- Born: Mary J. Wright 1915 Strathroy, Ontario, Canada
- Died: April 23, 2014 (aged 98–99) Strathroy, Ontario, Canada
- Education: University of Western Ontario, University of Toronto
- Scientific career
- Workplaces: University of Western Ontario
- Doctoral advisor: Bill Laine

= Mary J. Wright =

Canadian psychologist (1915–2014)

Mary J. Wright (1915–2014) was a Canadian psychologist who was a pioneer for women in psychology in Canada.

==Early life==
Mary J. Wright was born in Strathroy, Ontario in 1915. Her parents were Mary Jean (nee Clark) and Ernest Wright. She had four brothers. Her parents were owners of the Wright Piano Company. After an active academic career she retired to her hometown where she died in 2014.

==Career==
Mary J. Wright obtained her BA in Philosophy and Psychology from the University of Western Ontario in 1935. This was followed by an MA from the University of Toronto. She then obtained a research post at the Institute of Child Study at the University of Toronto.
During the war, she worked with evacuated children in Britain.

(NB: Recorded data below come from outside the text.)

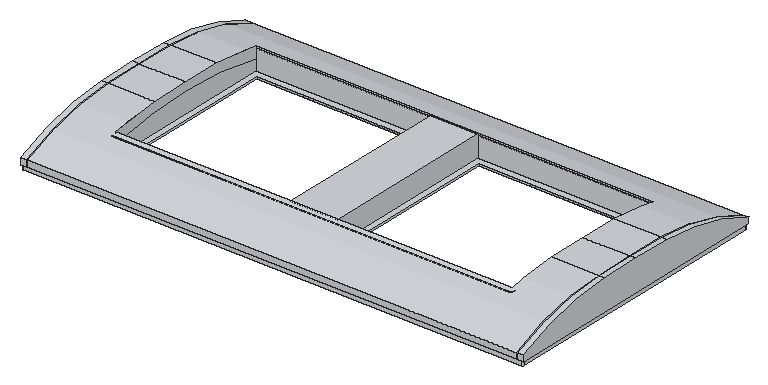
Revit family "Gira_0212763", category Electrical Fixtures, host Face, Revit 2017
Family settings
  Host = Face
  Maintain Annotation Orientation = No
  Round Connector Dimension = Use Diameter
  Part Type = Normal
  Cut with Voids When Loaded = No
  Shared = No
  Room Calculation Point = No
Parameters (values of type "Abdeckrahmen 2f Zwischenr. RW Gira Event Klar Braun")
  Werkstoffgüte = "Thermoplast"
  Werkstoff = "Kunststoff"
  URL = "http://katalog.gira.de/de_DE/datenblatt.html?artikelnr=0212763"
  Transparent = "No"
  Textfeld/Beschriftungsfläche = "No"
  Schutzart (IP) = "IP20"
  Region = "DE"
  Oberfläche = "sonstige"
  Name = "Abdeckrahmen 2f Zwischenr. RW Gira Event Klar Braun"
  Montagerichtung = "horizontal und vertikal"
  Mit Montagerahmen = "No"
  Mit Klappdeckel = "No"
  Manufacturer URL = "https://www.gira.de/"
  Keynote = "Event_Rahmen_2fach"
  HeinzeBIM = "https://bimportal.heinze.de/bim/abdeckrahmen-2f-zwischenr-rw-gira-event-klar-braun/bd4cec16ffc5d2152c9a732ce9024d697eb2c77d"
  Halogenfrei = "Yes"
  HAN = "0212763"
  Geeignet für Unterputz-Installation = "Yes"
  Geeignet für Unterflurkanaldose = "No"
  Geeignet für Geräteeinbaukanal = "No"
  Geeignet für Einbauinstallation = "No"
  GTIN = "4010337069362"
  Farbe = "braun"
  Default Elevation = 1219.2 mm
  Data sheet (1) = "https://katalog.gira.de/de_DE/download.html?artikelnr=0212763"
  Category = "Abdeckrahmen"
  Befestigungsart = "Klemmbefestigung"
  Available = "Yes"
  Ausführung der Oberfläche = "glänzend"
  Anzahl der Einheiten vertikal = "2 "
  Anzahl der Einheiten horizontal = "2 "
  Anzahl der Einheiten = "2 "
Reference planes
  plane 1 "Center (Front/Back)": y = 0
  plane 2: z = 0
  plane 3 "Center (Left/Right)": x = 0
Forms (mm)
  Extrusion 1, solid, detail levels fine
    sketch origin (0, 0, 0.05) x (0, 1, 0) y (0, 0, 1)
      loop
        arc (12.445, 9.683) -> (6.223, 9.833) -> (0, 9.85) r 291.636
        arc (0, 9.85) -> (-6.223, 9.833) -> (-12.445, 9.683) r 291.636
        arc (-12.445, 9.683) -> (-29.14, 7.482) -> (-45, 1.823) r 79.728
        line (-45, 1.823) -> (-45, -0.05) -> (-42.086, -0.05)
        arc (-42.086, -0.05) -> (-21.385, 5.559) -> (0, 7.206) r 114.424
        arc (0, 7.206) -> (21.385, 5.559) -> (42.086, -0.05) r 114.424
        line (42.086, -0.05) -> (45, -0.05) -> (45, 1.823)
        arc (45, 1.823) -> (29.14, 7.482) -> (12.445, 9.683) r 79.728
    from -78.55 to 78.55
  Extrusion 2, void, detail levels fine
    sketch origin (0, 0, 0) x (1, 0, 0) y (0, 1, 0)
      loop
        line (-63.55, -27.937) -> (63.55, -27.937) -> (63.55, 28.063) -> (-63.55, 28.063) -> (-63.55, -27.937)
    from 0.724 to 11
  Extrusion 3, solid, detail levels coarse
    sketch origin (0, 0, 0) x (1, 0, 0) y (0, 1, 0)
      loop
        line (-80.55, 45) -> (-80.55, -45) -> (80.55, -45) -> (80.55, 45) -> (-80.55, 45)
    from -1.5 to 9.9
  Extrusion 4, solid, detail levels medium
    sketch origin (0, 0, 0.05) x (0, 1, 0) y (0, 0, 1)
      loop
        arc (12.445, 9.683) -> (6.223, 9.833) -> (0, 9.85) r 291.636
        arc (0, 9.85) -> (-6.223, 9.833) -> (-12.445, 9.683) r 291.636
        arc (-12.445, 9.683) -> (-29.14, 7.482) -> (-45, 1.823) r 79.728
        line (-45, 1.823) -> (-45, -0.05) -> (45, -0.05) -> (45, 1.823)
        arc (45, 1.823) -> (29.14, 7.482) -> (12.445, 9.683) r 79.728
    from -80.55 to 80.55
  Extrusion 5, solid, detail levels fine
    sketch origin (-35.55, 0, -1.5) x (0, 1, 0) y (0, 0, -1)
      loop
        line (45, -3.373) -> (45, -1.5) -> (-45, -1.5) -> (-45, -3.373)
        arc (-45, -3.373) -> (-29.14, -9.032) -> (-12.445, -11.233) r 79.728
        arc (-12.445, -11.233) -> (-6.223, -11.383) -> (0, -11.4) r 291.636
        arc (0, -11.4) -> (6.223, -11.383) -> (12.445, -11.233) r 291.636
        arc (12.445, -11.233) -> (29.14, -9.032) -> (45, -3.373) r 79.728
    from 43 to 45
  Extrusion 6, solid, detail levels fine
    sketch origin (0, 0, 0) x (1, 0, 0) y (0, 1, 0)
      loop
        line (-61.45, 25.7) -> (-61.45, -25.7) -> (-9.65, -25.7) -> (-9.65, 25.7) -> (-61.45, 25.7)
      loop
        line (61.45, -25.7) -> (61.45, 25.7) -> (9.65, 25.7) -> (9.65, -25.7) -> (61.45, -25.7)
      loop
        line (-64.445, 28.49) -> (-64.445, -28.495)
        spline (-64.445, -28.495) -> (-64.436, -28.625) -> (-64.411, -28.754) -> (-64.369, -28.878) -> (-64.311, -28.995) -> (-64.238, -29.104) -> (-64.152, -29.202) -> (-64.054, -29.288) -> (-63.945, -29.361) -> (-63.828, -29.419) -> (-63.704, -29.461) -> (-63.575, -29.486) -> (-63.445, -29.495)
        line (-63.445, -29.495) -> (63.445, -29.495)
        spline (63.445, -29.495) -> (63.575, -29.486) -> (63.704, -29.461) -> (63.828, -29.419) -> (63.945, -29.361) -> (64.054, -29.288) -> (64.152, -29.202) -> (64.238, -29.104) -> (64.311, -28.995) -> (64.369, -28.878) -> (64.411, -28.754) -> (64.436, -28.625) -> (64.445, -28.495)
        line (64.445, -28.495) -> (64.445, 28.49)
        spline (64.445, 28.49) -> (64.436, 28.62) -> (64.411, 28.748) -> (64.369, 28.872) -> (64.311, 28.99) -> (64.238, 29.098) -> (64.152, 29.197) -> (64.054, 29.283) -> (63.945, 29.356) -> (63.828, 29.413) -> (63.704, 29.456) -> (63.575, 29.481) -> (63.445, 29.49)
        line (63.445, 29.49) -> (-63.445, 29.49)
        spline (-63.445, 29.49) -> (-63.575, 29.481) -> (-63.704, 29.456) -> (-63.828, 29.413) -> (-63.945, 29.356) -> (-64.054, 29.283) -> (-64.152, 29.197) -> (-64.238, 29.098) -> (-64.311, 28.99) -> (-64.369, 28.872) -> (-64.411, 28.748) -> (-64.436, 28.62) -> (-64.445, 28.49)
    from 0.1 to 7.3
  Extrusion 7, solid
    sketch origin (0, 0, 0) x (1, 0, 0) y (0, 1, 0)
      loop
        arc (-80.25, -44.2) -> (-80.104, -44.554) -> (-79.75, -44.7) r 0.5
        line (-79.75, -44.7) -> (79.75, -44.7)
        arc (79.75, -44.7) -> (80.104, -44.554) -> (80.25, -44.2) r 0.5
        line (80.25, -44.2) -> (80.25, 44.2)
        arc (80.25, 44.2) -> (80.104, 44.554) -> (79.75, 44.7) r 0.5
        line (79.75, 44.7) -> (-79.75, 44.7)
        arc (-79.75, 44.7) -> (-80.104, 44.554) -> (-80.25, 44.2) r 0.5
        line (-80.25, 44.2) -> (-80.25, -44.2)
      loop
        line (-78.55, 43) -> (-78.55, -43) -> (78.55, -43) -> (78.55, 43) -> (-78.55, 43)
    from -1.5 to 0.5
  Extrusion 8, solid, detail levels fine
    sketch origin (35.55, 0, -1.5) x (0, 1, 0) y (0, 0, 1)
      loop
        arc (45, 3.373) -> (29.14, 9.032) -> (12.445, 11.233) r 79.728
        arc (12.445, 11.233) -> (6.223, 11.383) -> (0, 11.4) r 291.636
        arc (0, 11.4) -> (-6.223, 11.383) -> (-12.445, 11.233) r 291.636
        arc (-12.445, 11.233) -> (-29.14, 9.032) -> (-45, 3.373) r 79.728
        line (-45, 3.373) -> (-45, 1.5) -> (45, 1.5) -> (45, 3.373)
    from 43 to 45
  Extrusion 9, solid, detail levels medium
    sketch origin (0, 0, 0) x (1, 0, 0) y (0, 1, 0)
      loop
        line (-80.25, -44.7) -> (80.25, -44.7) -> (80.25, 44.7) -> (-80.25, 44.7) -> (-80.25, -44.7)
    from -1.5 to 0.5
  Extrusion 10, solid, detail levels fine
    sketch origin (0, 0, 0) x (1, 0, 0) y (0, 1, 0)
      loop
        line (-7.55, 28.063) -> (-7.55, -27.937) -> (7.55, -27.937) -> (7.55, 28.063) -> (-7.55, 28.063)
    from 0.724 to 7.566
Cuts and joins
  Extrusion 2 cuts Extrusion 1
  Extrusion 2 cuts Extrusion 6
Dimensions and locks
  aligned and locked: plane 2 to host face
  aligned and locked: level to host face

In 1946, she joined the faculty at the University of Western Ontario. While there she completed her PhD (1949) on the effect of advancement classes for gifted students. She remained at the University of Western Ontario until her retirement becoming Chair of the Department of Psychology (1960–67) - the first woman in Canada to hold such a position. She founded the University Laboratory Preschool. On her retirement, Wright was appointed professor emerita.
Wright was active in the Canadian Psychological Association becoming its first woman President and in many other regional associations for children and young people.

==Publications==
- Wright, M. J. (1974). CPA: The first ten years. Canadian Psychologist, 15(2), 112–131.
- Wright, M. J. (1980). Measuring the social competence of preschool children. Canadian Journal of Behavioural Science, 12(1), 17–32.
- Wright, M. J. & Myers, C. R. (Eds.).(1982). History of academic psychology in Canada. Toronto: Hogrefe.
- Wright, M. J., & High, F. (1983). Compensatory education in preschool: A Canadian approach. The University of Western Ontario preschool project. Ypsilanti, MI: High/Scope Press.

==Positions==
- 1969: President, Canadian Psychological Association
- President, Ontario Psychological Association

==Awards==
- Fellow, American Psychological Association
- Gold Medal, Canadian Psychological Association
- Distinguished Contribution to Psychology Award, Ontario Psychological Association
- Year of the Child Award, Ontario Psychological Foundation
- Children's Service Award, Association for Early Childhood Education (Ontario)

==Heritage==
In 2001, the laboratory school at the University of Western Ontario named the Mary J. Wright laboratory school in honour of her work and contribution of $500,000 toward it. The Psychology Centre at Huron University College was named the Mary J. Wright Centre The new public school in Strathroy was named the Mary J. Wright School. The History and Philosophy of Psychology section of the Canadian Psychological Association established a student award in her honour.